Because I am a first-generation Vietnamese-Cham-American. Because I spend my days freely as a young American adult who has to come home to a household heavily influenced by the Vietnamese culture and the Cham religion.
I love my culture. I love my origins. I love who I am. But frankly, the culture clashes drain the magic out of proposal and marriage and celebration. At least it does for me. Because I have to tell my boyfriend of one and a half years how and when we will get married. Because I have to follow certain rules and go through certain rituals and procedures. Instead of waiting patiently for that day on which he will get down on one knee and pull out that little velvet box, we have to have a talk and a mutual agreement on whether or not marriage is something that’s going to happen and when it’s going to happen.

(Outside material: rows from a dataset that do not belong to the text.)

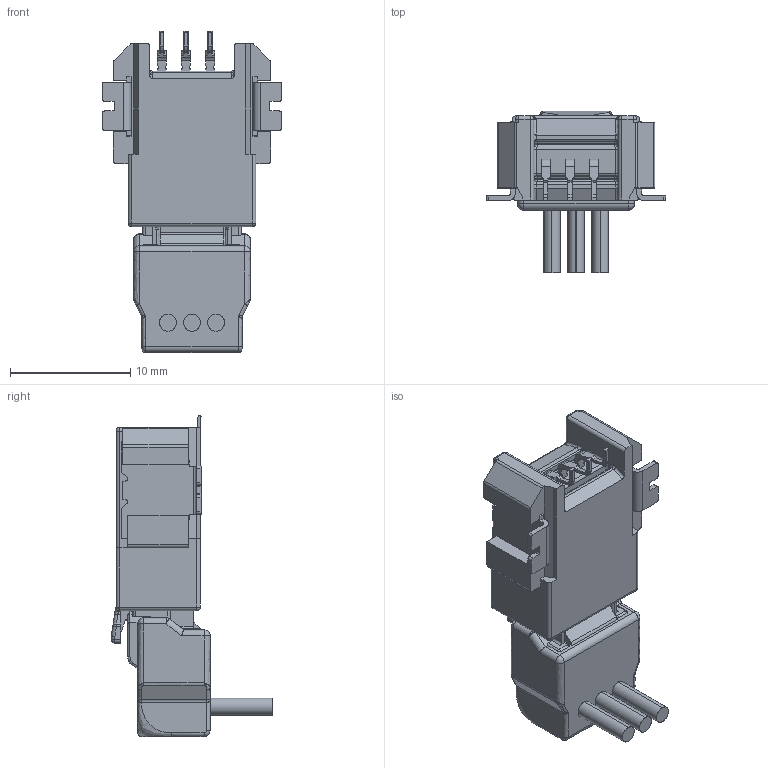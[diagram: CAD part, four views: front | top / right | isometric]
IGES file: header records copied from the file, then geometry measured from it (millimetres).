
Start section: SolidWorks IGES file using analytic representation for surfaces
Global section: file name: C:\Users\08803\Desktop\PDM\ISH全シリーズモデル(STEP)2017.2.6時点\水平\1列\3P\ISH 3P CONNECTOR with CABLE COVER.IGS; native system: SolidWorks 2017; preprocessor: SolidWorks 2017; author: 08803; date: 180820.135817; units: millimetre
Bounding box: 14.9 x 13.4 x 26.65 mm (x, y, z)
Surface area: 1289.7 mm2 (no closed solid volume)
Topology: 0 solids, 0 shells, 567 faces, 3865 edges, 3835 vertices
Faces by surface type: bspline 335, revolution 232
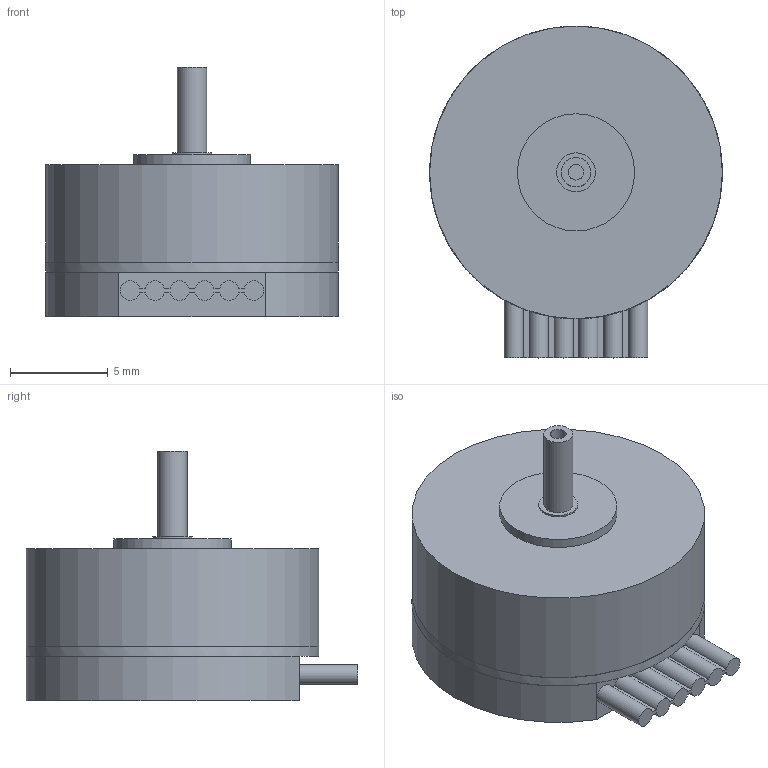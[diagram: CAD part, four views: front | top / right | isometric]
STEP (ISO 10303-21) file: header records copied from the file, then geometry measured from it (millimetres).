
FILE_DESCRIPTION(/* description */ (''),/* implementation_level */ '2;1');
FILE_NAME(/* name */ '1506N_SR_IE2-8.stp',/* time_stamp */ '2017-07-13T13:52:37+02:00',/* author */ ('DR. FRITZ FAULHABER GmbH & Co. KG'),/* organization */ ('DR. FRITZ FAULHABER GmbH & Co. KG'),/* preprocessor_version */ 'ST-DEVELOPER v16',/* originating_system */ 'SIEMENS PLM Software NX 10.0',/* authorisation */ '');
FILE_SCHEMA (('AUTOMOTIVE_DESIGN { 1 0 10303 214 3 1 1 1 }'));
Length unit declared in the file: millimetre
Products named in the file (1): Alle_Motoren
Bounding box: 15 x 17 x 12.8 mm (x, y, z)
Volume: 1403.1 mm3; surface area: 815 mm2
Topology: 1 solids, 1 shells, 41 faces, 94 edges, 63 vertices
Faces by surface type: plane 22, cylinder 19
Full cylindrical faces by diameter (mm): 0.801 x1, 1.5 x1, 2 x1, 6 x1, 14.99 x1, 15 x2
Entity records: 1163 total; most frequent: DIRECTION 206, CARTESIAN_POINT 202, ORIENTED_EDGE 172, EDGE_CURVE 86, AXIS2_PLACEMENT_3D 79, VERTEX_POINT 62, EDGE_LOOP 56, LINE 48

I love Ryan. I want him to be a permanent part of my family. But there is still that part of me that is scared that my crazy-ass culture is going to drive him away. I’m so scared that this is too much for a typical American guy. And I’m SO scared that one day he’s going to look back and wish that he could have done it the way he wanted.
I don’t need a big ring or a fancy wedding. In my culture, if you’re poor, you can have a celebration with just your immediate family, share one plate of food, and give one gold coin to the bride. As long as it’s done right and with the permission of the parents. I don’t care how it’s done. All I want is for him to be ready. We don’t have a house, I don’t have a job in my desired field, and we’re both completely clueless. But I feel as long as we’re both ready and have the support of all of our parents, we will be okay.
Three years ago, my friends told me I would change my mind about marriage and kids when I met the right one. I didn’t believe them. But wow, here I am, typing about it and crying my eyes out because I’m scared shitless.
God help me.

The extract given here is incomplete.